■ Your task ■
Wherever a line in the data holds the word "start", pull that line out.
** Opening Data supplied block **
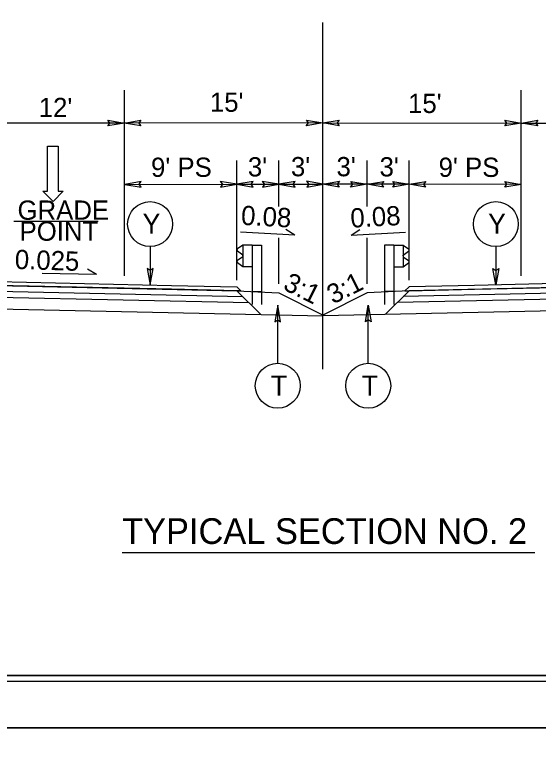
# Model space of a CAD drawing. Extents: x 2241081 to 2251104, y 658534 to 663427.
# Drawn here: x 2248411.2 to 2248635.4, y 661809.3 to 662124.9 of the extents above; entities that cross this region are included whole.
import ezdxf

# ---------------------------------------------------------------- set-up
doc = ezdxf.new("R2010")
doc.units = 0
for name, color, linetype in [('Old_Level_2', 7, 'Continuous'), ('Prop Dimension Text', 7, 'Continuous'), ('Prop Lane Arrow CELL', 7, 'Continuous'), ('Prop Shade Medium', 7, 'Continuous'), ('Sheet Cutting Line CELL', 7, 'Continuous'), ('Sheet Plan CELL', 7, 'Continuous'), ('Sheet Plot Border Inside CELL', 7, 'Continuous'), ('Sheet Plot Border Outside CELL', 7, 'Continuous'), ('Typical Arrow Superelevation CELL', 7, 'Continuous'), ('Typical Berm Information CELL', 7, 'Continuous'), ('Typical Guardrail CELL', 7, 'Continuous'), ('Typical Hinge Slope Interstate CELL', 7, 'Continuous'), ('Typical ID Circle CELL', 7, 'Continuous'), ('Typical Terminator CELL', 7, 'Continuous'), ('Typical Text Centerline CELL', 7, 'Continuous'), ('Typical Text Grade Point CELL', 7, 'Continuous'), ('Typical Text ID Circle CELL', 7, 'Continuous'), ('Typical Text Label CELL', 7, 'Continuous')]:
    doc.layers.add(name, color=color, linetype=linetype)

msp = doc.modelspace()

# ---------------------------------------------------------------- linework, layer by layer
at = {"layer": 'Old_Level_2'}
for p, q in [((2248398.2, 662008.99), (2248506.33, 662006.68)), ((2248398.33, 662010.67), (2248478.33, 662008.96)), ((2248478.33, 662008.96), (2248506.33, 662008.36)), ((2248506.33, 662008.36), (2248508.1, 662006.58)), ((2248580.11, 662008.36), (2248578.34, 662006.58)), ((2248688.11, 662008.99), (2248580.11, 662006.68)), ((2248608.11, 662008.96), (2248580.11, 662008.36)), ((2248688.11, 662010.67), (2248608.11, 662008.96)), ((2248398.26, 662006.55), (2248508.83, 662004.18)), ((2248506.33, 662006.68), (2248524.33, 662005.69)), ((2248506.33, 662006.68), (2248516.55, 661996.46)), ((2248580.11, 662006.68), (2248562.11, 662005.69)), ((2248580.11, 662006.68), (2248569.89, 661996.46)), ((2248688.11, 662006.55), (2248577.61, 662004.18)), ((2248398.26, 662004), (2248511.43, 662001.58)), ((2248688.11, 662004), (2248575.01, 662001.58)), ((2248398.27, 661998.99), (2248543.23, 661995.89)), ((2248688.11, 661998.99), (2248543.21, 661995.89))]:
    msp.add_line(p, q, dxfattribs=at)
at = {"layer": 'Prop Dimension Text'}
for p, q in [((2248458.19, 662013), (2248458.15, 662092.59)), ((2248628.11, 662013.1), (2248628.16, 662092.59)), ((2248458.15, 662078.52), (2248398.15, 662078.49)), ((2248543.13, 662078.57), (2248458.13, 662078.52)), ((2248543.15, 662078.57), (2248628.15, 662078.52)), ((2248628.15, 662078.52), (2248688.15, 662078.49)), ((2248506.32, 662011.23), (2248506.29, 662062.5)), ((2248524.31, 662042.78), (2248524.29, 662062.51)), ((2248562.13, 662042.78), (2248562.15, 662062.51)), ((2248580.11, 662011.23), (2248580.15, 662062.5)), ((2248458.3, 662052.25), (2248506.3, 662052.28)), ((2248506.3, 662052.28), (2248524.3, 662052.29)), ((2248524.3, 662052.29), (2248543.27, 662052.3)), ((2248562.14, 662052.29), (2248543.17, 662052.3)), ((2248580.14, 662052.28), (2248562.14, 662052.29)), ((2248628.14, 662052.25), (2248580.14, 662052.28)), ((2248524.33, 662009.56), (2248524.31, 662029.37)), ((2248562.11, 662009.56), (2248562.12, 662029.37))]:
    msp.add_line(p, q, dxfattribs=at)
at = {"layer": 'Prop Lane Arrow CELL'}
for p, q in [((2248425.29, 662068.58), (2248429.84, 662068.59)), ((2248425.3, 662049.29), (2248425.29, 662068.58)), ((2248429.84, 662068.59), (2248429.85, 662049.29)), ((2248427.65, 662044.95), (2248423.24, 662049.29)), ((2248423.24, 662049.29), (2248425.3, 662049.29)), ((2248431.92, 662049.29), (2248427.65, 662044.95)), ((2248429.85, 662049.29), (2248431.92, 662049.29))]:
    msp.add_line(p, q, dxfattribs=at)
at = {"layer": 'Prop Shade Medium'}
for p, q in [((2248398.33, 662010.67), (2248478.33, 662008.96)), ((2248478.33, 662007.28), (2248398.33, 662008.99)), ((2248478.33, 662008.96), (2248506.33, 662008.36)), ((2248506.33, 662008.36), (2248508.1, 662006.58)), ((2248580.11, 662008.36), (2248578.34, 662006.58)), ((2248608.11, 662008.96), (2248580.11, 662008.36)), ((2248688.11, 662010.67), (2248608.11, 662008.96)), ((2248608.11, 662007.28), (2248688.11, 662008.99)), ((2248506.33, 662006.68), (2248478.33, 662007.28)), ((2248508.1, 662006.58), (2248506.33, 662006.68)), ((2248578.34, 662006.58), (2248580.11, 662006.68)), ((2248580.11, 662006.68), (2248608.11, 662007.28))]:
    msp.add_line(p, q, dxfattribs=at)
at = {"layer": 'Sheet Cutting Line CELL'}
for p, q in [((2247635.51, 661819.27), (2249319.01, 661819.26)), ((2249319.01, 661819.26), (2247635.51, 661819.27))]:
    msp.add_line(p, q, dxfattribs=at)
at = {"layer": 'Sheet Plan CELL'}
for points in [[(2247802, 661841.78), (2247801.97, 662891.75), (2249101.96, 662891.79), (2249101.97, 662741.73), (2249302.01, 662741.71), (2249302.01, 661841.78)], [(2249302.03, 662891.78), (2247802, 662891.78), (2247802, 661841.78), (2249302.01, 661841.78)]]:
    msp.add_lwpolyline(points, close=True, dxfattribs=at)
at = {"layer": 'Sheet Plot Border Inside CELL'}
msp.add_lwpolyline([(2247648.51, 661839.27), (2249314.5, 661839.28), (2249314.51, 662894.26), (2247648.51, 662894.27)], close=True, dxfattribs=at)
at = {"layer": 'Sheet Plot Border Outside CELL'}
for points in [[(2247635.51, 661819.27), (2249319.01, 661819.26), (2249319.01, 662914.26), (2247635.51, 662914.27)], [(2247635.51, 660724.27), (2249319.01, 660724.26), (2249319.01, 661819.26), (2247635.51, 661819.27)]]:
    msp.add_lwpolyline(points, close=True, dxfattribs=at)
at = {"layer": 'Typical Arrow Superelevation CELL'}
for p, q in [((2248531.2, 662030.44), (2248507.93, 662031.72)), ((2248531.2, 662030.44), (2248527.37, 662032.95)), ((2248555.23, 662030.44), (2248559.06, 662032.95)), ((2248555.23, 662030.44), (2248578.5, 662031.72)), ((2248446.25, 662013.55), (2248442.34, 662015.92)), ((2248446.25, 662013.55), (2248422.95, 662014.02))]:
    msp.add_line(p, q, dxfattribs=at)
at = {"layer": 'Typical Guardrail CELL'}
for p, q in [((2248508.93, 662026.2), (2248506.62, 662024.58)), ((2248512.91, 662026.2), (2248508.93, 662026.2)), ((2248508.93, 662026.2), (2248508.93, 662016.93)), ((2248512.91, 662026.2), (2248512.91, 662006.32)), ((2248512.91, 662026.2), (2248516.89, 662026.2)), ((2248516.89, 662026.2), (2248516.89, 662006.32)), ((2248573.53, 662026.2), (2248569.55, 662026.2)), ((2248569.55, 662026.2), (2248569.55, 662006.32)), ((2248573.53, 662026.2), (2248573.53, 662006.32)), ((2248573.53, 662026.2), (2248577.5, 662026.2)), ((2248577.5, 662026.2), (2248577.5, 662016.93)), ((2248577.5, 662026.2), (2248579.82, 662024.58)), ((2248508.93, 662021.94), (2248506.62, 662023.56)), ((2248508.93, 662021.19), (2248506.62, 662019.57)), ((2248508.93, 662021.57), (2248508.93, 662021.94)), ((2248508.93, 662021.57), (2248508.93, 662021.19)), ((2248577.5, 662021.94), (2248579.82, 662023.56)), ((2248577.5, 662021.57), (2248577.5, 662021.94)), ((2248577.5, 662021.57), (2248577.5, 662021.19)), ((2248577.5, 662021.19), (2248579.82, 662019.57)), ((2248508.93, 662016.93), (2248506.62, 662018.55)), ((2248577.5, 662016.93), (2248579.82, 662018.55)), ((2248512.91, 662016.93), (2248508.93, 662016.93)), ((2248573.53, 662016.93), (2248577.5, 662016.93)), ((2248512.91, 662006.32), (2248516.89, 662006.32)), ((2248512.91, 662006.32), (2248512.91, 662000.69)), ((2248516.89, 662006.32), (2248516.89, 662000.69)), ((2248573.53, 662006.32), (2248569.55, 662006.32)), ((2248569.55, 662006.32), (2248569.55, 662000.69)), ((2248573.53, 662006.32), (2248573.53, 662000.69))]:
    msp.add_line(p, q, dxfattribs=at)
for centre, start, end in [((2248506.97, 662024.07), 125.0029, 235.0111), ((2248579.47, 662024.07), 304.9887, 54.997), ((2248506.97, 662019.06), 125.0058, 235.0365), ((2248579.47, 662019.06), 304.9633, 54.994)]:
    msp.add_arc(centre, 0.621, start, end, dxfattribs=at)
at = {"layer": 'Typical Hinge Slope Interstate CELL'}
for p, q in [((2248524.33, 662005.69), (2248543.23, 661996.24)), ((2248562.11, 662005.69), (2248543.21, 661996.24))]:
    msp.add_line(p, q, dxfattribs=at)
at = {"layer": 'Typical ID Circle CELL'}
for p, q in [((2248469.19, 662025.59), (2248469.19, 662009.15)), ((2248617.25, 662025.59), (2248617.25, 662009.15)), ((2248523.84, 661975.56), (2248523.84, 662000.42)), ((2248562.6, 661975.56), (2248562.6, 662000.42))]:
    msp.add_line(p, q, dxfattribs=at)
for centre in [(2248469.19, 662035.21), (2248617.25, 662035.21), (2248523.84, 661965.95), (2248562.6, 661965.95)]:
    msp.add_circle(centre, 9.62, dxfattribs=at)
at = {"layer": 'Typical Terminator CELL'}
for points in [[(2248451.12, 662079.73), (2248458.15, 662078.52), (2248451.09, 662077.27), (2248451.98, 662078.52)], [(2248465.16, 662077.32), (2248458.13, 662078.52), (2248465.2, 662079.78), (2248464.3, 662078.53)], [(2248536.1, 662079.78), (2248543.13, 662078.57), (2248536.06, 662077.32), (2248536.96, 662078.57)], [(2248550.18, 662077.36), (2248543.15, 662078.57), (2248550.22, 662079.82), (2248549.33, 662078.57)], [(2248621.13, 662079.74), (2248628.15, 662078.52), (2248621.08, 662077.28), (2248621.98, 662078.53)], [(2248635.18, 662077.31), (2248628.15, 662078.52), (2248635.22, 662079.77), (2248634.33, 662078.52)], [(2248465.33, 662053.47), (2248458.3, 662052.25), (2248465.37, 662051.01), (2248464.47, 662052.26)], [(2248499.27, 662051.07), (2248506.3, 662052.28), (2248499.23, 662053.53), (2248500.13, 662052.28)], [(2248513.33, 662053.5), (2248506.3, 662052.28), (2248513.37, 662051.04), (2248512.47, 662052.29)], [(2248517.27, 662051.08), (2248524.3, 662052.29), (2248517.23, 662053.54), (2248518.13, 662052.29)], [(2248531.33, 662053.51), (2248524.3, 662052.29), (2248531.37, 662051.05), (2248530.47, 662052.3)], [(2248536.24, 662051.09), (2248543.27, 662052.3), (2248536.2, 662053.55), (2248537.1, 662052.3)], [(2248550.2, 662051.09), (2248543.17, 662052.3), (2248550.24, 662053.55), (2248549.34, 662052.3)], [(2248555.11, 662053.51), (2248562.14, 662052.29), (2248555.07, 662051.05), (2248555.97, 662052.3)], [(2248569.17, 662051.08), (2248562.14, 662052.29), (2248569.21, 662053.54), (2248568.31, 662052.29)], [(2248573.11, 662053.5), (2248580.14, 662052.28), (2248573.07, 662051.04), (2248573.97, 662052.29)], [(2248587.17, 662051.07), (2248580.14, 662052.28), (2248587.21, 662053.53), (2248586.31, 662052.28)], [(2248621.11, 662053.47), (2248628.14, 662052.25), (2248621.07, 662051.01), (2248621.97, 662052.26)], [(2248467.98, 662016.18), (2248469.19, 662009.15), (2248470.44, 662016.22), (2248469.19, 662015.32)], [(2248618.46, 662016.18), (2248617.25, 662009.15), (2248616, 662016.22), (2248617.25, 662015.32)], [(2248525.05, 661993.39), (2248523.84, 662000.42), (2248522.59, 661993.35), (2248523.84, 661994.25)], [(2248561.39, 661993.39), (2248562.6, 662000.42), (2248563.85, 661993.35), (2248562.6, 661994.25)]]:
    msp.add_lwpolyline(points, close=True, dxfattribs=at)
at = {"layer": 'Typical Text Centerline CELL'}
msp.add_line((2248543.22, 661973.01), (2248543.13, 662121.56), dxfattribs=at)
at = {"layer": 'Typical Text Grade Point CELL'}
msp.add_line((2248410.78, 662036.45), (2248446.91, 662036.47), dxfattribs=at)
at = {"layer": 'Typical Text Label CELL'}
msp.add_line((2248457.21, 661894.43), (2248633.91, 661894.43), dxfattribs=at)

# ---------------------------------------------------------------- texts
at = {"layer": 'Prop Dimension Text'}
for s, rotation, p in [("15'", 0.0349, (2248494.8, 662083.33)), ("15'", 359.965, (2248579.64, 662082.83)), ("12'", 0.0349, (2248421.5, 662081.07)), ("9' PS", 0.0349, (2248469.58, 662055.44)), ("3'", 0.0349, (2248511.06, 662055.63)), ("3'", 0.0349, (2248529.5, 662055.71)), ("3'", 359.965, (2248549, 662055.71)), ("3'", 359.965, (2248567.45, 662055.64)), ("9' PS", 359.965, (2248592.74, 662055.45))]:
    msp.add_text(s, height=8.25, rotation=rotation, dxfattribs=at).set_placement(p)
at = {"layer": 'Typical Berm Information CELL'}
for s, rotation, p in [('0.08', 356.8554, (2248507.98, 662034.92)), ('0.08', 3.1445, (2248555.18, 662033.65)), ('0.025', 358.1916, (2248411.15, 662016.01))]:
    msp.add_text(s, height=8.25, rotation=rotation, dxfattribs=at).set_placement(p)
at = {"layer": 'Typical Hinge Slope Interstate CELL'}
for rotation, p in [(333.4349, (2248525.67, 662007.44)), (26.565, (2248547.51, 662000.74))]:
    msp.add_text('3:1', height=8.25, rotation=rotation, dxfattribs=at).set_placement(p)
at = {"layer": 'Typical Text Grade Point CELL'}
for s, p in [('GRADE', (2248412.4, 662037.07)), ('POINT', (2248413.28, 662028.07))]:
    msp.add_text(s, height=8.25, rotation=0.0349, dxfattribs=at).set_placement(p)
at = {"layer": 'Typical Text ID Circle CELL'}
for s, p in [('Y', (2248465.93, 662031.13)), ('Y', (2248613.89, 662031.13)), ('T', (2248520.84, 661961.71)), ('T', (2248559.78, 661961.71))]:
    msp.add_text(s, height=8.61, rotation=359.9999, dxfattribs=at).set_placement(p)
at = {"layer": 'Typical Text Label CELL'}
msp.add_text('TYPICAL SECTION NO. 2', height=11.0106, dxfattribs=at).set_placement((2248457.19, 661898.12))

doc.saveas('drawing.dxf')
** Closing Data supplied block **
■ Exercise result ■
for centre, start, end in [((2248506.97, 662024.07), 125.0029, 235.0111), ((2248579.47, 662024.07), 304.9887, 54.997), ((2248506.97, 662019.06), 125.0058, 235.0365), ((2248579.47, 662019.06), 304.9633, 54.994)]:
    msp.add_arc(centre, 0.621, start, end, dxfattribs=at)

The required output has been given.